Consider a non-negative random variable $Z$ with finite expectation. Then Markov's inequality implies $$ (1) \qquad \Pr(Z \geq t) = \Pr(\phi(Z) \geq \phi(t)) \leq \frac{\mathbb{E}e^{\lambda Z}}{e^{\lambda t}} $$ In the Cramér-Chernoff method, we continue by letting $$ \qquad \psi_Z(\lambda) = \log \mathbb{E} e^{\lambda Z} \quad \text{ for all } \lambda \geq 0, $$ then standard texts claim that we have $$ (2) \qquad \Pr(Z \geq t) \leq \exp \left( \inf_{\lambda \geq 0} ( \psi_Z(\lambda) - \lambda t ) \right). $$ For example, see page 7/22 of the lecture note http://users.math.uni-potsdam.de/~blanchard/lectures/lect_2.pdf. My question is: how we can obtain the last inequality?

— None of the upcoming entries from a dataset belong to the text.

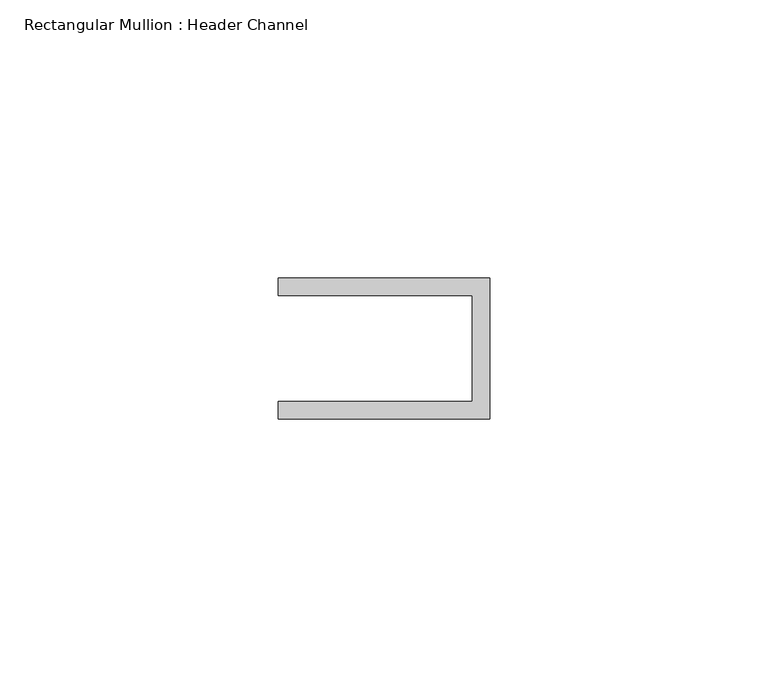
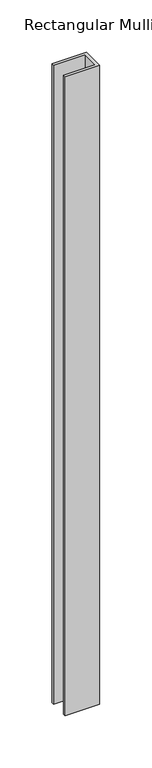
"""IFC4 building model written with IfcOpenShell, lengths in millimetres: member geometry, Rectangular Mullion : Header Channel."""

import ifcopenshell
import ifcopenshell.guid

model = None  # the IFC model being written
_history = None  # IfcOwnerHistory: only IFC2X3 demands one
_inside = {}  # id of a spatial element -> (the spatial element, [elements in it])
_under = {}  # id of a project, library or spatial element -> (it, [spatial elements below it])
_declared = {}  # id of a project -> (the project, [libraries it declares])
_typed = {}  # id of a type object -> (the type object, [elements of that type])
_made_of = {}  # id of a material, layer set ... -> (it, [elements and type objects made of it])


def new_model(schema):
    """Start an empty IFC model of exactly this schema.

    Asked for "IFC4X3", IfcOpenShell would pick the latest addendum, in which some entities
    have other attributes; the version numbers below select the first issue.
    IFC2X3 requires an IfcOwnerHistory on every rooted entity: one is made here for all.
    """
    global model, _history
    if schema == "IFC4X3":
        model = ifcopenshell.file(schema_version=(4, 3, 0, 0))
    else:
        model = ifcopenshell.file(schema=schema)
    _inside.clear()
    _under.clear()
    _declared.clear()
    _typed.clear()
    _made_of.clear()
    _history = None
    if model.schema == "IFC2X3":
        org = make("IfcOrganization", Name="unknown")
        user = make(
            "IfcPersonAndOrganization",
            ThePerson=make("IfcPerson", FamilyName="unknown"),
            TheOrganization=org,
        )
        app = make(
            "IfcApplication",
            ApplicationDeveloper=org,
            Version="unknown",
            ApplicationFullName="unknown",
            ApplicationIdentifier="unknown",
        )
        _history = make(
            "IfcOwnerHistory",
            OwningUser=user,
            OwningApplication=app,
            ChangeAction="ADDED",
            CreationDate=0,
        )
    return model


def make(cls, **values):
    """One entity of the class cls with the attributes given. An attribute that is None is left unset."""
    return model.create_entity(
        cls, **{name: value for name, value in values.items() if value is not None}
    )


def rooted(cls, **values):
    """An entity with a GlobalId (a new one), such as an element, a storey or a relation."""
    return make(cls, GlobalId=ifcopenshell.guid.new(), OwnerHistory=_history, **values)


def si_unit(unit_type, name, prefix=None):
    """IfcSIUnit, for example si_unit("LENGTHUNIT", "METRE", prefix="MILLI")."""
    return make("IfcSIUnit", UnitType=unit_type, Prefix=prefix, Name=name)


def assignment(units):
    """IfcUnitAssignment: the units of a project."""
    return None if units is None else make("IfcUnitAssignment", Units=units)


def point(xyz):
    """IfcCartesianPoint."""
    return None if xyz is None else make("IfcCartesianPoint", Coordinates=xyz)


def direction(xyz):
    """IfcDirection."""
    return None if xyz is None else make("IfcDirection", DirectionRatios=xyz)


def frame(location, z_axis=None, x_axis=None):
    """IfcAxis2Placement3D, a coordinate frame: its origin and axes. An axis left out is left unset."""
    return make(
        "IfcAxis2Placement3D",
        Location=point(location),
        Axis=direction(z_axis),
        RefDirection=direction(x_axis),
    )


def origin():
    """The frame at (0, 0, 0) with its axes left unset."""
    return frame((0.0, 0.0, 0.0))


def place(relative_to, where):
    """IfcLocalPlacement: puts the frame where relative to a parent placement (None: the world)."""
    return make(
        "IfcLocalPlacement", PlacementRelTo=relative_to, RelativePlacement=where
    )


def context(
    kind, dimensions, precision=None, world=None, true_north=None, identifier=None
):
    """IfcGeometricRepresentationContext, for example the 3D "Model" context."""
    return make(
        "IfcGeometricRepresentationContext",
        ContextIdentifier=identifier,
        ContextType=kind,
        CoordinateSpaceDimension=dimensions,
        Precision=precision,
        WorldCoordinateSystem=world,
        TrueNorth=true_north,
    )


def project(units=None, contexts=None):
    """IfcProject with its units and contexts."""
    return rooted(
        "IfcProject",
        Name="project",
        RepresentationContexts=contexts,
        UnitsInContext=assignment(units),
    )


def spatial(cls, under=None, at=None, **own):
    """A site, building, storey or space (cls), placed at a placement, below another one or the project."""
    s = rooted(cls, ObjectPlacement=at, **own)
    if under is not None:
        _under.setdefault(under.id(), (under, []))[1].append(s)
    return s


def polyline(points):
    """IfcPolyline through the points."""
    return make("IfcPolyline", Points=[point(p) for p in points])


def outline(outer, holes=None, kind="AREA"):
    """IfcArbitraryClosedProfileDef: a profile drawn as a closed curve; with holes, ...WithVoids."""
    if holes is None:
        return make("IfcArbitraryClosedProfileDef", ProfileType=kind, OuterCurve=outer)
    return make(
        "IfcArbitraryProfileDefWithVoids",
        ProfileType=kind,
        OuterCurve=outer,
        InnerCurves=holes,
    )


def extrude(swept, where, along, depth):
    """IfcExtrudedAreaSolid: the profile swept, set in the frame where, extruded along a direction by depth."""
    return make(
        "IfcExtrudedAreaSolid",
        SweptArea=swept,
        Position=where,
        ExtrudedDirection=direction(along),
        Depth=depth,
    )


def shape(context_of_items, identifier, shape_type, items):
    """IfcShapeRepresentation: the items that make up one representation, for example the "Body"."""
    return make(
        "IfcShapeRepresentation",
        ContextOfItems=context_of_items,
        RepresentationIdentifier=identifier,
        RepresentationType=shape_type,
        Items=items,
    )


def source(mapping_origin, context_of_items, identifier, shape_type, items):
    """IfcRepresentationMap: a shape defined once, which mapped items show again and again."""
    return make(
        "IfcRepresentationMap",
        MappingOrigin=mapping_origin,
        MappedRepresentation=shape(context_of_items, identifier, shape_type, items),
    )


def transform(
    local_origin,
    x_axis=None,
    y_axis=None,
    z_axis=None,
    scale=None,
    scale2=None,
    scale3=None,
    uniform=True,
):
    """IfcCartesianTransformationOperator3D, or its non-uniform kind. x_axis, y_axis, z_axis: its Axis1, 2, 3."""
    if uniform:
        return make(
            "IfcCartesianTransformationOperator3D",
            Axis1=direction(x_axis),
            Axis2=direction(y_axis),
            LocalOrigin=point(local_origin),
            Scale=scale,
            Axis3=direction(z_axis),
        )
    return make(
        "IfcCartesianTransformationOperator3DnonUniform",
        Axis1=direction(x_axis),
        Axis2=direction(y_axis),
        LocalOrigin=point(local_origin),
        Scale=scale,
        Axis3=direction(z_axis),
        Scale2=scale2,
        Scale3=scale3,
    )


def mapped(mapping_source, mapping_target):
    """IfcMappedItem: shows the shape of a source again, moved by a transform."""
    return make(
        "IfcMappedItem", MappingSource=mapping_source, MappingTarget=mapping_target
    )


def made_of(thing, what):
    """Note that an element or type object is made of a material, layer set ...; save() writes the relation."""
    if what is not None:
        _made_of.setdefault(what.id(), (what, []))[1].append(thing)
    return thing


def element(
    cls,
    number,
    at=None,
    inside=None,
    cuts=None,
    type_object=None,
    material=None,
    context=None,
    identifier="Body",
    shape_type=None,
    held_by="IfcProductDefinitionShape",
    body=None,
    shapes=None,
    **own,
):
    """One element of the class cls, such as IfcWall. Its Tag is "e" and its number.

    at: its placement. inside: the storey or other place that contains it. cuts: it is an
    opening in that element (IfcRelVoidsElement). A single representation is given by context,
    identifier, shape_type and body (its items); several are given by shapes. held_by: the class
    of the entity that holds the representations. save() writes the other relations.
    """
    e = rooted(cls, Tag="e%d" % number, ObjectPlacement=at, **own)
    if body is not None:
        shapes = [shape(context, identifier, shape_type, body)]
    if shapes is not None:
        e.Representation = make(held_by, Representations=shapes)
    if inside is not None:
        _inside.setdefault(inside.id(), (inside, []))[1].append(e)
    if cuts is not None:
        rooted(
            "IfcRelVoidsElement", RelatingBuildingElement=cuts, RelatedOpeningElement=e
        )
    if type_object is not None:
        _typed.setdefault(type_object.id(), (type_object, []))[1].append(e)
    return made_of(e, material)


def aggregate(whole, parts):
    """IfcRelAggregates: a whole, such as a stair, and the parts it consists of."""
    return rooted("IfcRelAggregates", RelatingObject=whole, RelatedObjects=parts)


def save(model, path):
    """Write the relations noted so far, then the file.

    IfcRelAggregates (storeys below a building ...), IfcRelContainedInSpatialStructure (elements
    in a storey), IfcRelDefinesByType, IfcRelAssociatesMaterial and IfcRelDeclares: one each for
    every whole, place, type object, material and project.
    """
    for whole, parts in _under.values():
        aggregate(whole, parts)
    for where, things in _inside.values():
        rooted(
            "IfcRelContainedInSpatialStructure",
            RelatedElements=things,
            RelatingStructure=where,
        )
    for kind, things in _typed.values():
        rooted("IfcRelDefinesByType", RelatedObjects=things, RelatingType=kind)
    for what, things in _made_of.values():
        rooted("IfcRelAssociatesMaterial", RelatedObjects=things, RelatingMaterial=what)
    for by, libraries in _declared.values():
        rooted("IfcRelDeclares", RelatingContext=by, RelatedDefinitions=libraries)
    model.write(path)


def rectangular_mullion_header_channel_9bb2e47f(model_context):
    return source(origin(), model_context, "Body", "SweptSolid", [
        extrude(outline(polyline([(0.0, -12.7), (-38.1, -12.7), (-38.1, -9.525), (-3.175, -9.525), (-3.175, 9.525), (-38.1, 9.525), (-38.1, 12.7), (0.0, 12.7), (0.0, -12.7)])), frame((0.0, 0.0, -747.199643), z_axis=(0.0, 0.0, 1.0), x_axis=(1.0, 0.0, 0.0)), (0.0, 0.0, 1.0), 747.199643),
    ])


if __name__ == "__main__":
    model = new_model("IFC4")
    model_context = context("Model", 3, world=origin())
    ifc_project = project(units=[si_unit("LENGTHUNIT", "METRE", prefix="MILLI")], contexts=[model_context])
    site = spatial("IfcSite", under=ifc_project)
    building = spatial("IfcBuilding", under=site)
    placement = place(None, origin())
    rectangular_mullion_header_channel_shape = rectangular_mullion_header_channel_9bb2e47f(model_context)
    element("IfcMember", 1, ObjectType="Rectangular Mullion : Header Channel", at=placement, inside=building, context=model_context, shape_type="MappedRepresentation", body=[
        mapped(rectangular_mullion_header_channel_shape, transform((0.0, 0.0, 0.0), x_axis=(1.0, 0.0, 0.0), y_axis=(0.0, 1.0, 0.0), z_axis=(0.0, 0.0, 1.0))),
    ])
    save(model, "model.ifc")

# Revit data of these elements
# Type "Rectangular Mullion : Header Channel"
#   built-in parameter 1007322 = 0.0833333 (stored number, unit not read)
#   built-in parameter 1007321 = -0.03125 (stored number, unit not read)
#   built-in parameter 1007320 = 0.0416667 (stored number, unit not read)
# Element 1 (IfcMember, "Rectangular Mullion : Header Channel")
#   Materials on its faces: "ALUM"
# Materials
#   "ALUM": class "Generic", colour RGB 157 157 157, transparency 0, Cost = 0

I understand that since (1) is true for all $\lambda \geq 0$, we can have $$ \Pr(Z \geq t) \leq \inf_{\lambda \geq 0} \frac{\mathbb{E}e^{\lambda Z}}{e^{\lambda t}} = \inf_{\lambda \geq 0} \left( \mathbb{E} \exp (\lambda Z - \lambda t) \right), $$ but I am confused with how this can lead to (2).

I'd appreciate for any help. Thank you in advance.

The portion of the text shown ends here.